Korban sempat dievakuasi menggunakan mobil patroli Brimob ke RSUD Karel Sadsuitubun, Langgur. Namun nyawanya tidak tertolong.
Dijerat UU Perlindungan Anak
Kapolres menegaskan, tersangka dijerat Pasal 76C juncto Pasal 80 ayat (3) Undang-Undang Perlindungan Anak karena korban masih di bawah umur, dengan ancaman hukuman maksimal 15 tahun penjara.
Selain itu, penyidik juga menerapkan Pasal 466 KUHP tentang penganiayaan yang menyebabkan kematian dengan ancaman maksimal tujuh tahun penjara.
“Karena korban anak di bawah umur dan meninggal dunia, maka kami kenakan pasal yang paling berat,” ujar Kapolres.
Sebanyak 14 saksi telah diperiksa, terdiri dari saksi korban, warga di lokasi, serta anggota Brimob yang berada di tempat kejadian. Status perkara kini telah naik dari penyelidikan ke penyidikan.
Surat Pemberitahuan Perkembangan Hasil Penyidikan (SP2HP) telah diserahkan kepada keluarga korban.
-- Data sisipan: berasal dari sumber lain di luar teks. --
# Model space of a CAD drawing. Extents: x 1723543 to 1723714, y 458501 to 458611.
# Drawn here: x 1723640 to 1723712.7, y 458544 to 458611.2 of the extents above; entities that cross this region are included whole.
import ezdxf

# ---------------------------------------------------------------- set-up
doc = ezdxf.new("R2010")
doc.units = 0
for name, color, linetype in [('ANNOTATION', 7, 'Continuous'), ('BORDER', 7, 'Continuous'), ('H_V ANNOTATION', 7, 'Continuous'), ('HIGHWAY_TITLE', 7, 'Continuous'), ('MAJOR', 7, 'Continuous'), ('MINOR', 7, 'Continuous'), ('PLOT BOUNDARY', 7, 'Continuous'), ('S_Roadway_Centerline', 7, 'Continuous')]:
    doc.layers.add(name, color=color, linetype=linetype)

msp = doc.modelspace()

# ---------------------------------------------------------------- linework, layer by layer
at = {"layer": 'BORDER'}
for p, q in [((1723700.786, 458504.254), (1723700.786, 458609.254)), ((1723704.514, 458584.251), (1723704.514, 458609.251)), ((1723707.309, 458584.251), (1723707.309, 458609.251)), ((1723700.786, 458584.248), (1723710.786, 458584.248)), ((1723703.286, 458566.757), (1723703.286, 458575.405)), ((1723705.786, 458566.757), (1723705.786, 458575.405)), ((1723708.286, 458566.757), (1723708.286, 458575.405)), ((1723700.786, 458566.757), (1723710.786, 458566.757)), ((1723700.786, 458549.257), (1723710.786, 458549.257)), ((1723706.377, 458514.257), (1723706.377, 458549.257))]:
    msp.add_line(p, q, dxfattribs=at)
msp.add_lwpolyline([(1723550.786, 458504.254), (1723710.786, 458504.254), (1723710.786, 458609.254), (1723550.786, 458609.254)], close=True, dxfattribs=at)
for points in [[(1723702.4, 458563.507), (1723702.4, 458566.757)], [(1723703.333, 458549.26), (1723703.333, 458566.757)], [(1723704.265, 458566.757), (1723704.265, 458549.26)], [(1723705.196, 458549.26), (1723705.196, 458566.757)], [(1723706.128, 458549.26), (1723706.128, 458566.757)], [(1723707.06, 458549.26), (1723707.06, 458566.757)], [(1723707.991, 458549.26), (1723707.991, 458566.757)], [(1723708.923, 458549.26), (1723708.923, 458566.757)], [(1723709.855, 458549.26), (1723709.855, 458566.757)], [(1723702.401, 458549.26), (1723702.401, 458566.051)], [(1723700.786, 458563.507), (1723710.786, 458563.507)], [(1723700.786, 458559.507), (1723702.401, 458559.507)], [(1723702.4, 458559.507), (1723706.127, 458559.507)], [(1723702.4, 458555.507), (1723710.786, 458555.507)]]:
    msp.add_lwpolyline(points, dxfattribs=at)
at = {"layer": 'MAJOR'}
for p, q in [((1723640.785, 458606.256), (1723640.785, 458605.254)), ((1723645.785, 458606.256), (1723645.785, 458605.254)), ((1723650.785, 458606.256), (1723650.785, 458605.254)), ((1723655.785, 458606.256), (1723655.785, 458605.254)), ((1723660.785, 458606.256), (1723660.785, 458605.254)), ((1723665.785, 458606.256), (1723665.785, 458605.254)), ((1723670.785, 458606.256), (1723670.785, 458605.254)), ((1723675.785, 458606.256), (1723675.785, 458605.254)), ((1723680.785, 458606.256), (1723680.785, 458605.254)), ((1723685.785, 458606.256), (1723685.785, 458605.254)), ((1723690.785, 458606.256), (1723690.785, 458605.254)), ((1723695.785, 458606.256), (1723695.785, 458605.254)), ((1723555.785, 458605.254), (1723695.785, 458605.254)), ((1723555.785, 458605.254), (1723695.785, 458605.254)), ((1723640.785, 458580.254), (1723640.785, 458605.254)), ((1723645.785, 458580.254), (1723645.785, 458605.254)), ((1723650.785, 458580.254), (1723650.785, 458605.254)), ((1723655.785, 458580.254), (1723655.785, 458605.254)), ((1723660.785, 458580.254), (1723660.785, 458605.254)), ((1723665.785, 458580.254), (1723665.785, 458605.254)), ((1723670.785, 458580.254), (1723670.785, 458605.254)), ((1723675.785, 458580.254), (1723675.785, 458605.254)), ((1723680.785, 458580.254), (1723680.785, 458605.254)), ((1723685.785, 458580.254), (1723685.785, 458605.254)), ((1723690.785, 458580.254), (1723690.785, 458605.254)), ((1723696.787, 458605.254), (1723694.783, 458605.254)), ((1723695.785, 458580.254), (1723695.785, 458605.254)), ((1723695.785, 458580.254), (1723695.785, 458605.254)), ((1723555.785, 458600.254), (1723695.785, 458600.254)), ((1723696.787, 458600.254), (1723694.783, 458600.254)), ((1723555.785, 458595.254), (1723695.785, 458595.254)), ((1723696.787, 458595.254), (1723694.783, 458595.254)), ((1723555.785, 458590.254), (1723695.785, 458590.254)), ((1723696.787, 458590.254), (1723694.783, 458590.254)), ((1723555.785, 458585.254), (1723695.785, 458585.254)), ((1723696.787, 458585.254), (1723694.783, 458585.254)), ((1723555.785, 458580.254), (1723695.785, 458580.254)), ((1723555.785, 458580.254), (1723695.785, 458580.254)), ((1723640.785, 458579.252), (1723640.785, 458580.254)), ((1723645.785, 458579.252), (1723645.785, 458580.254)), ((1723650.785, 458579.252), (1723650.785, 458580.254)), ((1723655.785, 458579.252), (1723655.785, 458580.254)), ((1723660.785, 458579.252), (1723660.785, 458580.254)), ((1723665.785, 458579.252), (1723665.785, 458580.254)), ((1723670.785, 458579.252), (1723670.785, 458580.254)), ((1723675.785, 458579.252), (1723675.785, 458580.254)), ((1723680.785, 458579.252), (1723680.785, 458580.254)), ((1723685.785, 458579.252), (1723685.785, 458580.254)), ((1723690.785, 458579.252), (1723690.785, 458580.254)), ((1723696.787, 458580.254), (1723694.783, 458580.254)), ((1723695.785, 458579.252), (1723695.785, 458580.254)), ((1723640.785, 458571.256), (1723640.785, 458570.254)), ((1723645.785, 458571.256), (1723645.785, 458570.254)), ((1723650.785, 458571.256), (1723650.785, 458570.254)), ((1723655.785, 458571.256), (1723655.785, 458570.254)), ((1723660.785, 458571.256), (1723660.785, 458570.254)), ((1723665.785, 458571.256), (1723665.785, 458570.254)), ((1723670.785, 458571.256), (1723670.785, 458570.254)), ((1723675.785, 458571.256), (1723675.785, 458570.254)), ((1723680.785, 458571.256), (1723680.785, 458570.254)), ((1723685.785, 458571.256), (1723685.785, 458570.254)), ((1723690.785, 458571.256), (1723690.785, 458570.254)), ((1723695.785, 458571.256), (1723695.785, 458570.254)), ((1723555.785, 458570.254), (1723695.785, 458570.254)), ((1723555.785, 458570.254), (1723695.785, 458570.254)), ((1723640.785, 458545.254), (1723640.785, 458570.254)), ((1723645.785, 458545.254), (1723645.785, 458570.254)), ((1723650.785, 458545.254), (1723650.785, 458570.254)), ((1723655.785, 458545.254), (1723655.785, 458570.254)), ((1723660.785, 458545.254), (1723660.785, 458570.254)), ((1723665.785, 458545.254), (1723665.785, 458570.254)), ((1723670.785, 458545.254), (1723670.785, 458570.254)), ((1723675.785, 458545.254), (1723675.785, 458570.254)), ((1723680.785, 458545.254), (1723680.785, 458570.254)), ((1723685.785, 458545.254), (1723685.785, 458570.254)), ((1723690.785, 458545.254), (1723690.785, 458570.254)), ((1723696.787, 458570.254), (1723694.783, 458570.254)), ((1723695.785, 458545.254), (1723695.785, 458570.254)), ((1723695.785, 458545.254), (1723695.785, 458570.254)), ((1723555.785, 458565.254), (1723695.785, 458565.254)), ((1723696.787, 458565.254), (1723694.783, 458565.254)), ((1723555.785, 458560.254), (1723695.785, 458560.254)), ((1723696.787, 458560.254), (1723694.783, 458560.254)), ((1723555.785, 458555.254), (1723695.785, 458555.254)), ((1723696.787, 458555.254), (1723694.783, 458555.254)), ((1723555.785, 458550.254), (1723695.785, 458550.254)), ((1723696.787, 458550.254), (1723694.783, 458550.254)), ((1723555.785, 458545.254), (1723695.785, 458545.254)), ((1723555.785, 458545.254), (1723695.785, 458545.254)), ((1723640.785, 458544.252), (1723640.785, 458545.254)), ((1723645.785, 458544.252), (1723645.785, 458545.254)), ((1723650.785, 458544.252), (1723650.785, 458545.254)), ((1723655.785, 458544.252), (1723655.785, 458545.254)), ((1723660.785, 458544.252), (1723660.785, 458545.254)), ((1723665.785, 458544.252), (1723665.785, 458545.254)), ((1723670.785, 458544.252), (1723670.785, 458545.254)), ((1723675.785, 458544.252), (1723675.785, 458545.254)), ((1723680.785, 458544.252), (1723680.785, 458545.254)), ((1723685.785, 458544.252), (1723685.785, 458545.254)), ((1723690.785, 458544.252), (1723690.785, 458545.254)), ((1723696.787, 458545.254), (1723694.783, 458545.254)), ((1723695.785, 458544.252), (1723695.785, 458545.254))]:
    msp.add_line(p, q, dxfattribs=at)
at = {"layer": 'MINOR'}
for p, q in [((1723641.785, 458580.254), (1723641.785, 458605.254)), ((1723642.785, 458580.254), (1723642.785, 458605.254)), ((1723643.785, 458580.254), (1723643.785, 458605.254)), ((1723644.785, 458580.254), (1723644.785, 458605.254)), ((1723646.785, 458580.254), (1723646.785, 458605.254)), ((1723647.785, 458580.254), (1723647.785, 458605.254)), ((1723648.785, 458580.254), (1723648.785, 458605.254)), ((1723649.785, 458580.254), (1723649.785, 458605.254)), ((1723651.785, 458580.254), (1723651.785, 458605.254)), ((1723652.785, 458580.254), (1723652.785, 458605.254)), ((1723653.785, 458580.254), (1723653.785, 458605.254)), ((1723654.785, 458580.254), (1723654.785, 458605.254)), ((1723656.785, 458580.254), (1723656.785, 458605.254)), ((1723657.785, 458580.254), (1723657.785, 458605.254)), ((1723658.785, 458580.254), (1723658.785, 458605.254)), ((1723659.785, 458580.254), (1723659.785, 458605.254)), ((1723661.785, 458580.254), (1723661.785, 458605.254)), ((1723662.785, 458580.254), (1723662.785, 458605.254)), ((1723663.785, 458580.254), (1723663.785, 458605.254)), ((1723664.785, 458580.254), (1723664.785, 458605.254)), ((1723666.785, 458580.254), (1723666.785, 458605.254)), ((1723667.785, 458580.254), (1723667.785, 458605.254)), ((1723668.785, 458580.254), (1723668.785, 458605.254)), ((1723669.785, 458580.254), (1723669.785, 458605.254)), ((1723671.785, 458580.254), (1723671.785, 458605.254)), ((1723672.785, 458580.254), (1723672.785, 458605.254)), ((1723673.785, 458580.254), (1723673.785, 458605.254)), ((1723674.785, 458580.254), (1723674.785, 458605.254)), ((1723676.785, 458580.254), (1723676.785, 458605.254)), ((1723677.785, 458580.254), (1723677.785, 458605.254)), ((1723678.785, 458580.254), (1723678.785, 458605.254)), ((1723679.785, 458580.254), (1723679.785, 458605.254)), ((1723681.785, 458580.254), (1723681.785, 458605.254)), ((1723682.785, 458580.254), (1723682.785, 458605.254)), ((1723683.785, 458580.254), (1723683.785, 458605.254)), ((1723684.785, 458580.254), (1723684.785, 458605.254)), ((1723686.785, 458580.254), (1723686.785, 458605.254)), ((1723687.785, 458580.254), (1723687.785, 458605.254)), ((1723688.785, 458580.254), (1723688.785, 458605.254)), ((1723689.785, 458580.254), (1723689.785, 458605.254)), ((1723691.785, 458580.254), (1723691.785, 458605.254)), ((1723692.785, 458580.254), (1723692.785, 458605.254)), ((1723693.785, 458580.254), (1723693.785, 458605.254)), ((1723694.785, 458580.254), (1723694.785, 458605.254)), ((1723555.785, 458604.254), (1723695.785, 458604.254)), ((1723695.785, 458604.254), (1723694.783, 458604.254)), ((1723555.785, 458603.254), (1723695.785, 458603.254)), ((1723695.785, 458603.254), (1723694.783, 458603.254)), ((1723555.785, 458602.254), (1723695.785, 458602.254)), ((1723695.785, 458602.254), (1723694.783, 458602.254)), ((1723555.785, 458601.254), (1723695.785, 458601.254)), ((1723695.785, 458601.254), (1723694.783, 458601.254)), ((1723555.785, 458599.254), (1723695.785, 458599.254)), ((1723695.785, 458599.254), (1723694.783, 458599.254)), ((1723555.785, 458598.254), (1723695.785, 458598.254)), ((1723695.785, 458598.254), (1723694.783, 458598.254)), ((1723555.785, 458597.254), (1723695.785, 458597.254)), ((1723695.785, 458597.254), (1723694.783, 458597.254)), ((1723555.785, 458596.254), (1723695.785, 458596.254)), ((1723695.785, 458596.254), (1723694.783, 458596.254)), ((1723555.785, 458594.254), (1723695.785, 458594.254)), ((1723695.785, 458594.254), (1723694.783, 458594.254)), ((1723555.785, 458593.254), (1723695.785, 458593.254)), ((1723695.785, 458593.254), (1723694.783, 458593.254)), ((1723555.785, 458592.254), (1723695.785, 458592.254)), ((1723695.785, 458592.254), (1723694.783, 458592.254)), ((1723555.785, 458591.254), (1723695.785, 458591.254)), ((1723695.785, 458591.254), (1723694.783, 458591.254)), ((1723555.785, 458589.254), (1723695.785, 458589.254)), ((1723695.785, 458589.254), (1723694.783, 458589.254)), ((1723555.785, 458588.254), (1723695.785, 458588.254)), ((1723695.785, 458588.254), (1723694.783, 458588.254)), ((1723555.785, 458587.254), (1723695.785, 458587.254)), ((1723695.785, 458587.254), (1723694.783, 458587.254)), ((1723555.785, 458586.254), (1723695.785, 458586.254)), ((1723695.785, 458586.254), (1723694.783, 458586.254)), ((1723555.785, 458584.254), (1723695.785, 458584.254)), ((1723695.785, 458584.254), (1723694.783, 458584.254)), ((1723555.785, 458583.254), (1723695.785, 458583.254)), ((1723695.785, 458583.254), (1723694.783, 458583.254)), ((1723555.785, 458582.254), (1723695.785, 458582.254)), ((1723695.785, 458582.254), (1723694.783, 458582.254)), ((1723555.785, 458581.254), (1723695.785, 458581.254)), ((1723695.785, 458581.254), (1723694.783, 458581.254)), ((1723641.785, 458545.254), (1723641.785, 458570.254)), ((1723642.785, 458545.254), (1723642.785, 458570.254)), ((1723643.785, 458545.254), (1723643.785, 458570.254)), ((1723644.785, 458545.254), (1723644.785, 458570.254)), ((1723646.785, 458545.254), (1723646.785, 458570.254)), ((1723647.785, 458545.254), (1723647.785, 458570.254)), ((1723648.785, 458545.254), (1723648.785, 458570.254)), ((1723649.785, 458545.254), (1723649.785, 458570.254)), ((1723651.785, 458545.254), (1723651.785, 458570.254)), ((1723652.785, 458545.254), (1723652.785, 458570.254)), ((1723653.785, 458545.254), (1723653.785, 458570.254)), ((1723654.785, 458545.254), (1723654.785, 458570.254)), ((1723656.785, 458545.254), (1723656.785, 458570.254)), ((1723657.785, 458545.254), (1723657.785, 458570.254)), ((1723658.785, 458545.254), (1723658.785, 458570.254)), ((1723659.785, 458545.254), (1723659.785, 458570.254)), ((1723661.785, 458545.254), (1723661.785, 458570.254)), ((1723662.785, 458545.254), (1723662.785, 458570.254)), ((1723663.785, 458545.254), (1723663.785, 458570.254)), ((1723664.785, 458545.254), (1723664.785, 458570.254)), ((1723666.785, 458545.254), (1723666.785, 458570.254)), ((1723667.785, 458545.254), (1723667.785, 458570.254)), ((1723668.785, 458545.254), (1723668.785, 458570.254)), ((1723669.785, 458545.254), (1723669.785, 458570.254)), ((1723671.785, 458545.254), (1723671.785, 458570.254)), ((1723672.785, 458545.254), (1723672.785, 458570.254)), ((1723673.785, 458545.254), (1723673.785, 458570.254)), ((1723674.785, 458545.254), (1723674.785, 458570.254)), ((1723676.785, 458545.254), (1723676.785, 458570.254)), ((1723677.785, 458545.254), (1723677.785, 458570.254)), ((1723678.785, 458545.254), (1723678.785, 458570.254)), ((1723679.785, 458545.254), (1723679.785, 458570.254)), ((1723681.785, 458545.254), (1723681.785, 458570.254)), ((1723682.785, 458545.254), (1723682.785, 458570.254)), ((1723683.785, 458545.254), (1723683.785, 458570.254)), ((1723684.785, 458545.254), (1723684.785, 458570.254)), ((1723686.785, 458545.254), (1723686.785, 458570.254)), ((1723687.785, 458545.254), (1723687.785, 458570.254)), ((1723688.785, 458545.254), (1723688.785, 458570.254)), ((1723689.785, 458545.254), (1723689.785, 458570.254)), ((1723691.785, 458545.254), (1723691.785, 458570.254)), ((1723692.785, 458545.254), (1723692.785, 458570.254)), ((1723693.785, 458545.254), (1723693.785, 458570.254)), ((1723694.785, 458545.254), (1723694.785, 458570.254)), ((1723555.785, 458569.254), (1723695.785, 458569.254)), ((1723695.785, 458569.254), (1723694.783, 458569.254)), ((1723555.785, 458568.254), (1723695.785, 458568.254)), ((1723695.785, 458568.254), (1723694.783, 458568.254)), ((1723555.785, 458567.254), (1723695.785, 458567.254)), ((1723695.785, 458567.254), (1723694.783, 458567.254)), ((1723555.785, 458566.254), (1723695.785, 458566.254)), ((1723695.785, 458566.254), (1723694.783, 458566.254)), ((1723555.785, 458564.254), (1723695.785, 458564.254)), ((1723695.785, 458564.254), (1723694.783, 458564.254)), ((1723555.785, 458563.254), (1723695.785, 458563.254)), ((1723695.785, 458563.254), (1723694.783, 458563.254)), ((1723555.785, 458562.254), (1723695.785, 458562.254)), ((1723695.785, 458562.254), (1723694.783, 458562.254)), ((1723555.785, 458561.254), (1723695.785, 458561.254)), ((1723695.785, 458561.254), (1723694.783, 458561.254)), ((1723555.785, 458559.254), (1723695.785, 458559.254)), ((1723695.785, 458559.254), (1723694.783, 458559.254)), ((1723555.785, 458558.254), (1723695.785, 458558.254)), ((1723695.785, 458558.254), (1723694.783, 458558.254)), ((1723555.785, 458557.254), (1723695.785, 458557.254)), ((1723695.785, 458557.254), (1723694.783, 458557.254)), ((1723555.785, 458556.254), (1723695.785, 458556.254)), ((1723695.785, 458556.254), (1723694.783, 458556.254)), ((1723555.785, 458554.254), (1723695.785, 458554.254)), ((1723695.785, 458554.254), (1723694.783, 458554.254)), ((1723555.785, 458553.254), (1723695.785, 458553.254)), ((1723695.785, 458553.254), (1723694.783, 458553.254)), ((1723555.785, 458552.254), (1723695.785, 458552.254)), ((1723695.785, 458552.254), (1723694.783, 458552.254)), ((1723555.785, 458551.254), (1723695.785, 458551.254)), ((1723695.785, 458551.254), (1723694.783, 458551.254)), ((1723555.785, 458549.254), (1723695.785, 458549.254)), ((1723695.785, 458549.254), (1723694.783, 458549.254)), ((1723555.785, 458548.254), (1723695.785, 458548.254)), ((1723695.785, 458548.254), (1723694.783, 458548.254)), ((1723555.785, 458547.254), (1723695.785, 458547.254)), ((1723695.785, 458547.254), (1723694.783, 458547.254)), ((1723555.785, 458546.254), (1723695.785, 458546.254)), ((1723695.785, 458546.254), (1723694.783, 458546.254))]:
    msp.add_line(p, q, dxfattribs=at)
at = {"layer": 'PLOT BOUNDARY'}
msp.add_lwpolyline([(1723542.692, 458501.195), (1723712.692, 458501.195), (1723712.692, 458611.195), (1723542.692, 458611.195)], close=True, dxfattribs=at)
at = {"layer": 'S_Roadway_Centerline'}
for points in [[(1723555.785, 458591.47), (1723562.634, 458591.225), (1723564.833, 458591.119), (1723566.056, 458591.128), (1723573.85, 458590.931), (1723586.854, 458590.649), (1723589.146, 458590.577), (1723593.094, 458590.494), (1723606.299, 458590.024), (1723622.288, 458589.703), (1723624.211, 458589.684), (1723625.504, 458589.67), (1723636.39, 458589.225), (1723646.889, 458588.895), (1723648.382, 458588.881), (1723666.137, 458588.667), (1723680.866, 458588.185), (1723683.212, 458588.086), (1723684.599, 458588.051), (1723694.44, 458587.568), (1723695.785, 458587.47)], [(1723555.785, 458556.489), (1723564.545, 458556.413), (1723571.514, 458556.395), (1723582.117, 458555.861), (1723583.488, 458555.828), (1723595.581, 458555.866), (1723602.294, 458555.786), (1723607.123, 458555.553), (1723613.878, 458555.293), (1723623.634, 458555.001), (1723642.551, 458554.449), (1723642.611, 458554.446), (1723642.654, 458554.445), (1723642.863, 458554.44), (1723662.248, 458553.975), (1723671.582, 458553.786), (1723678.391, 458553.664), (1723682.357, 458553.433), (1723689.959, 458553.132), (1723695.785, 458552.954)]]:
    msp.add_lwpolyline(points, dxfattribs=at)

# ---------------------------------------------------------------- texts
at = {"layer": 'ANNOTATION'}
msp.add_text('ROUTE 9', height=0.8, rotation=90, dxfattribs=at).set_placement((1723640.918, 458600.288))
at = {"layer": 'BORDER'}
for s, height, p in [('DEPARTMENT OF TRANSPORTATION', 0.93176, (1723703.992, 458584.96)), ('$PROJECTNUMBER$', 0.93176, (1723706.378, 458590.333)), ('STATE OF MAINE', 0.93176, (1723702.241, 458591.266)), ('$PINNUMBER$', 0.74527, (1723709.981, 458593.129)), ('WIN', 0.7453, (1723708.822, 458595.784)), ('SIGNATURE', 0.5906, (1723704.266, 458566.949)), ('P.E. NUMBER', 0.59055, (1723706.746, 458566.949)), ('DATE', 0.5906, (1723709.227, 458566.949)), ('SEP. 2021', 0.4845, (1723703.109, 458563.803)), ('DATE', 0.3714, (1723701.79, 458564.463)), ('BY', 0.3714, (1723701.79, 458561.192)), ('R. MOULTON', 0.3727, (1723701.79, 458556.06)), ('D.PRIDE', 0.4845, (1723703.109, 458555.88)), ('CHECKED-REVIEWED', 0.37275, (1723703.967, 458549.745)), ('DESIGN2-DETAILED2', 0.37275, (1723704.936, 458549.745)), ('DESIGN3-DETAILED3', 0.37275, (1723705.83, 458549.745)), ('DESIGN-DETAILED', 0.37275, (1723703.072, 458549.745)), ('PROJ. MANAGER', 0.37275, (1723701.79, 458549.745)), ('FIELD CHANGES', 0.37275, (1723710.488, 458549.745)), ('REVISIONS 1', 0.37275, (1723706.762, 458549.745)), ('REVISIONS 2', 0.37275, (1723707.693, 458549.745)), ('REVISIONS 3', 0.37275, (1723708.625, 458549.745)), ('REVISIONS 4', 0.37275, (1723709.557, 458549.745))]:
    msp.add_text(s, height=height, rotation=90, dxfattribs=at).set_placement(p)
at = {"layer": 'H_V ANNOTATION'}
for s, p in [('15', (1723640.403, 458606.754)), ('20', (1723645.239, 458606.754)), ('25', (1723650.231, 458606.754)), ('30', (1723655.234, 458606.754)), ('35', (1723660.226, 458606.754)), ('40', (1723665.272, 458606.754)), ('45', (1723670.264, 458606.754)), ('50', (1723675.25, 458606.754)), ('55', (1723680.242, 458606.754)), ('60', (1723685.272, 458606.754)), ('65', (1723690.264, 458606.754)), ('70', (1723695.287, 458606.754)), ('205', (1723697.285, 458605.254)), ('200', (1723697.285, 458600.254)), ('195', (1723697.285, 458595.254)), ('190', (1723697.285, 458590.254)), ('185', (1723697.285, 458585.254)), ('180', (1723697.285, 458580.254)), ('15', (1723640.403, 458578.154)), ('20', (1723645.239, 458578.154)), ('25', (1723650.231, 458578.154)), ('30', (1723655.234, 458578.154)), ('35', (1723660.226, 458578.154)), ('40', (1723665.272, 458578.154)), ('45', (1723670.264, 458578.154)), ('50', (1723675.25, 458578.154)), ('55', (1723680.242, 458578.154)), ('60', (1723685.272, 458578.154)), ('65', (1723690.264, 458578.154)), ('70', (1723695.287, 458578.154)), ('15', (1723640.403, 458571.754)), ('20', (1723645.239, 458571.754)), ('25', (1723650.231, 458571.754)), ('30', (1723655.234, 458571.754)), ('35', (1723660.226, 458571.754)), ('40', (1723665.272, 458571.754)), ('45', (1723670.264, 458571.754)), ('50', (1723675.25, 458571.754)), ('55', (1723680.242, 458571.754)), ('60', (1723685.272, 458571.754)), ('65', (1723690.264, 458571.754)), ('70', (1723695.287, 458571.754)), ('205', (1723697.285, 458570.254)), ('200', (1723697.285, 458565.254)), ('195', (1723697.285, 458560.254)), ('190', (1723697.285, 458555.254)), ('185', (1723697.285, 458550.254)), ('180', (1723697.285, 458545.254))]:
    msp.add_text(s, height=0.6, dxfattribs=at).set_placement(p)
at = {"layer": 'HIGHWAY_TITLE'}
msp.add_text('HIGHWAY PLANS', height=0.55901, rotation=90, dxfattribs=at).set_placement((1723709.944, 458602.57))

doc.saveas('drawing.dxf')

Sementara Surat Pemberitahuan Dimulainya Penyidikan (SPDP) akan segera dilimpahkan ke kejaksaan.
Proses Pidana dan Kode Etik Berjalan Bersamaan
Selain proses pidana, tersangka juga akan menjalani proses kode etik di Propam Polda Maluku.
Kapolres menjelaskan, penanganan kode etik memang menjadi kewenangan Bid Propam Polda Maluku, sedangkan proses pidana tetap ditangani Polres Tual.
“Kode etik tetap berjalan di Polda. Tapi pidananya tetap di sini. Kami akan monitor dan sampaikan perkembangannya ke keluarga,” tegasnya.
Polisi memastikan kedua proses tersebut akan berjalan paralel hingga tuntas.